# HTC qudcore supports LTE



## mad96 (Aug 23, 2011)

If anybody is holding out for a new HTC power house that could be coming to Verizon this might be what you've been waiting for. The device in short is simply SEXY. Check out the link below to view the first quadcore LTE device.
http://rootzwiki.com/news/_/articles/rumors/htc-one-xxl-outed-by-leaked-screenshot-r911

M.A.D.


----------



## RedRumy3 (Oct 24, 2011)

Going to be too late, think I'm gonna grab s3 before June 28. So I can keep my unlimited data. Was waiting on HTC but oh well.

Sent From My Thunderbolt Using TapaTalk 2.


----------



## Hellboy (May 8, 2012)

Only thing I dont like about it is its white lol. White is apple and wouldnt be shocked if apple sued over They have a patent on a white phone.


----------



## KGBxxx (Jul 13, 2011)

Hellboy said:


> Only thing I dont like about it is its white lol. White is apple and wouldnt be shocked if apple sued over They have a patent on a white phone.


There's a blue one too I thought

Sent from my ADR6400L using Tapatalk 2


----------



## quickdraw86 (Jan 30, 2012)

Tbh, that phone is hideous (visually), but I like HTC, so would probably buy it anyway lol. Good case would solve my problem.

Sent from my highly tweaked and customized Thunderbolt 4G!


----------



## mad96 (Aug 23, 2011)

Well if the GS3 dosent pan out I may have to scoop it up later on if big red actually gets it.

M.A.D.


----------



## jwort93 (Oct 10, 2011)

quickdraw86 said:


> Tbh, that phone is hideous (visually), but I like HTC, so would probably buy it anyway lol. Good case would solve my problem.
> 
> Sent from my highly tweaked and customized Thunderbolt 4G!

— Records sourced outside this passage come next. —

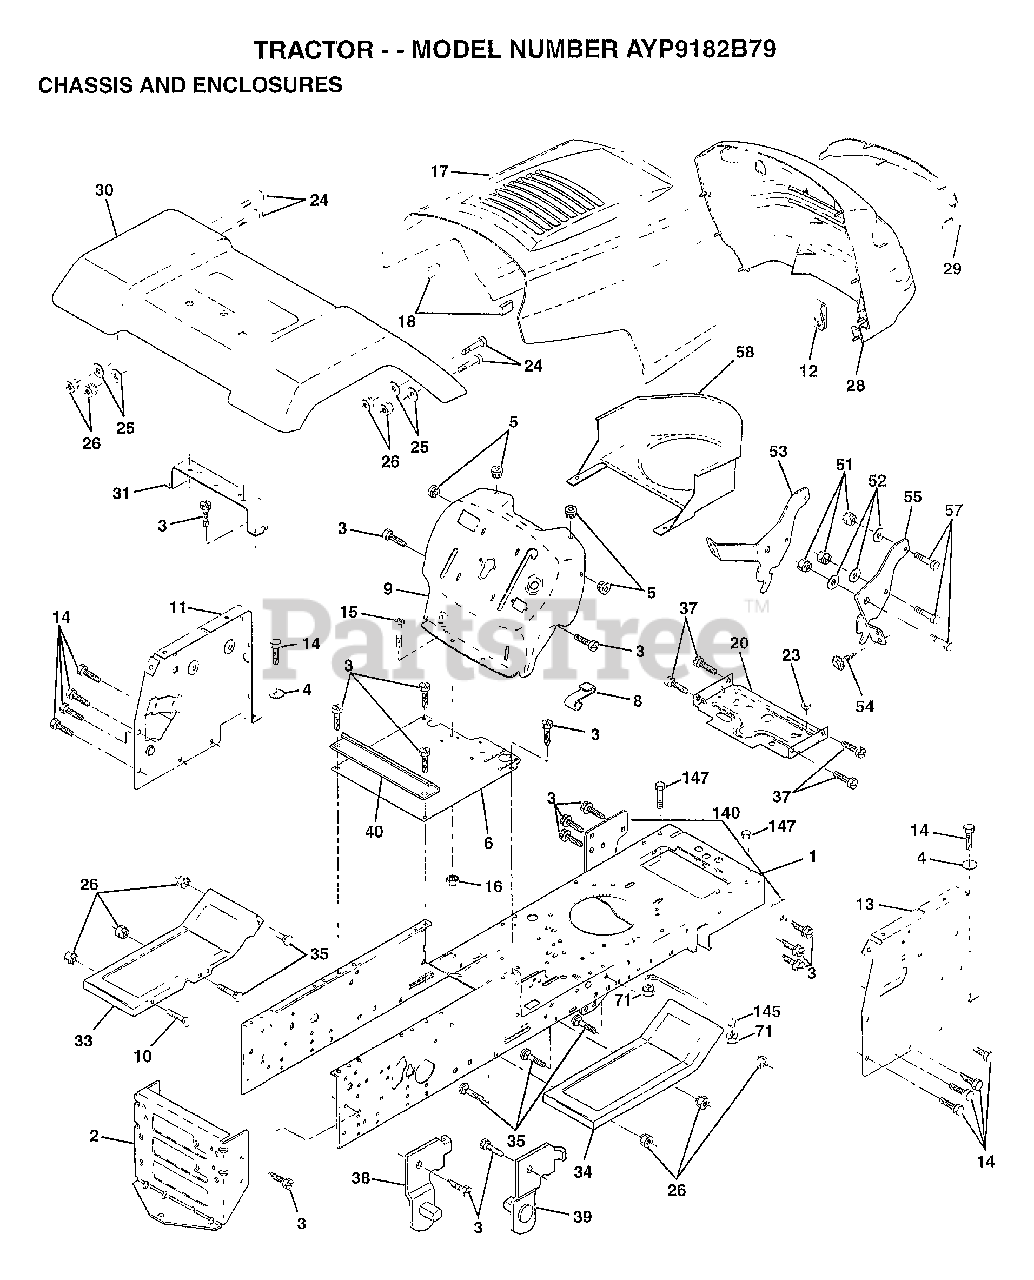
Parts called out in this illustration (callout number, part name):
1	CHASSIS ASM
3	SCREW
4	WASHER
5	BUMPER-HOOD/DASH
6	SADDLE
8	"CLIP,INSULATOR"
9	DASH.SILKSCREENED
11	"PANEL-DASH,LH"
12	CLIP.TINNERMAN
14	SCREW LT
15	SCREW
20	"PLATE-MTG,BATT/FU"
24	BOLT
25	WASHER
26	NUT
28	GRILL.BLK
29	LENS GRILLE
30	FENDER LT
31	BRACKET SUPT FEND
33	FOOTREST LH
34	FOOTREST RH
35	BOLT
37	SCREW LT
38	BRACKET ASM LH
39	BRACKET ASM RH
40	SPACER FENDER LT
51	NUT
52	WASHER
53	BRACKET.GRILLE.LH
55	BRACKET.GRILLE.RH
58	DUCT.AIR.B&S.18HP
140	BRKT SUSPENSION
145	"ROD POVOT,CHASSIS"
147	BOLT LT

That picture is just concept art. The only realty info about the device is the screenshot.

Sent from my ADR6400L using RootzWiki


----------



## mad96 (Aug 23, 2011)

jwort93 said:


> That picture is just concept art. The only realty info about the device is the screenshot.
> 
> Sent from my ADR6400L using RootzWiki


Lol so was ever other phone at one time.

M.A.D.


----------



## gammaxgoblin (Jun 12, 2011)

Verizon isn't launching the gs3 before June 28.

Sent from my ADR6400L using Tapatalk


----------



## quickdraw86 (Jan 30, 2012)

jwort93 said:


> That picture is just concept art. The only realty info about the device is the screenshot.
> 
> Sent from my ADR6400L using RootzWiki


Agreed, sense 4.0 ics... jealousy is the word lol

Sent from my highly tweaked and customized Thunderbolt 4G!


----------



## z28 justin (Jul 11, 2011)

What's the battery size? I thought the One X had a pretty weak battery. I can't imagine a quad core helping that.


----------



## recDNA (Oct 25, 2011)

quickdraw86 said:


> Tbh, that phone is hideous (visually), but I like HTC, so would probably buy it anyway lol. Good case would solve my problem.
> 
> Sent from my highly tweaked and customized Thunderbolt 4G!


If it's an HTC the speaker won't be loud enough for me. Such a simple thing but they'll never fix it.


----------



## Hellboy (May 8, 2012)

recDNA said:


> If it's an HTC the speaker won't be loud enough for me. Such a simple thing but they'll never fix it.


Maybe you need a hearing aid lol.

Sent from my HTC Mecha using Tapatalk 2


----------



## srs731 (Jun 15, 2011)

Hellboy said:


> Maybe you need a hearing aid lol.
> 
> Sent from my HTC Mecha using Tapatalk 2


I don't really believe the Thunderbolt has that good of a speaker for having the huge bar across the bottom. Also have herd the sensation? Most terrible speaker ever.


----------



## Hellboy (May 8, 2012)

If you need the speaker really loud then your getting towards hearing problems. I have had no problems hearing my bolts phone . I am messing with it right now and its loud. Maybe I have really good hearing. My dinc speaker was loud also.

Really how loud do you need a speaker?

Sent from my HTC Mecha using Tapatalk 2


----------



## psycho_asylum (Jul 13, 2011)

gammaxgoblin said:


> Verizon isn't launching the gs3 before June 28.
> 
> Sent from my ADR6400L using Tapatalk


This is true but you can preorder and keep unlimited data.


----------